PROVIDED DATA section start

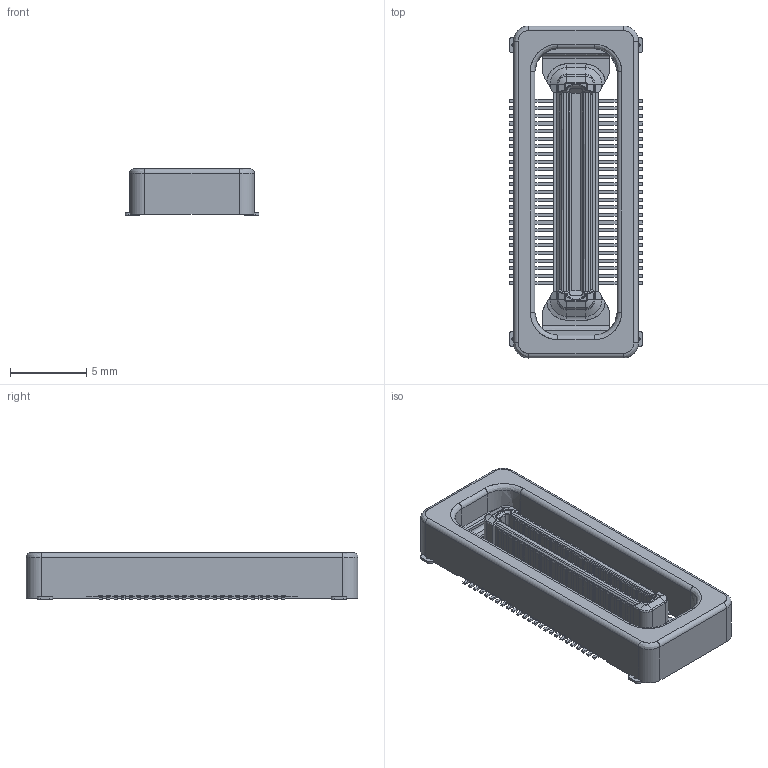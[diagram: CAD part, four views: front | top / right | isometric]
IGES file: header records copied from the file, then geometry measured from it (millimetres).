
Start section: SolidWorks IGES file using analytic representation for surfaces
Global section: file name: Q:\Kamikawa_Hisako\190710\MK_X4_5655_XXX_XXX_829+T\14_5655_XX0_00X_829+T\14_5655_XX0_000_829+T\14_5655_050_000_829+T.IGS; native system: SolidWorks 2017; preprocessor: SolidWorks 2017; author: HISAKO.KAMIKAWA.FJ; date: 190711.102539; units: millimetre
Bounding box: 8.8 x 21.8 x 3.05 mm (x, y, z)
Surface area: 805 mm2 (no closed solid volume)
Topology: 0 solids, 0 shells, 2057 faces, 12641 edges, 12641 vertices
Faces by surface type: bspline 1491, revolution 566

PROVIDED DATA section end

WORK INSTRUCTION → Repeat the records above exactly. No pictures go into the repeat.

RESULT OF THE TASK →
[diagram: CAD part, four views: front | top / right | isometric]
IGES file: header records copied from the file, then geometry measured from it (millimetres).
Start section: SolidWorks IGES file using analytic representation for surfaces
Global section: file name: Q:\Kamikawa_Hisako\190710\MK_X4_5655_XXX_XXX_829+T\14_5655_XX0_00X_829+T\14_5655_XX0_000_829+T\14_5655_050_000_829+T.IGS; native system: SolidWorks 2017; preprocessor: SolidWorks 2017; author: HISAKO.KAMIKAWA.FJ; date: 190711.102539; units: millimetre
Bounding box: 8.8 x 21.8 x 3.05 mm (x, y, z)
Surface area: 805 mm2 (no closed solid volume)
Topology: 0 solids, 0 shells, 2057 faces, 12641 edges, 12641 vertices
Faces by surface type: bspline 1491, revolution 566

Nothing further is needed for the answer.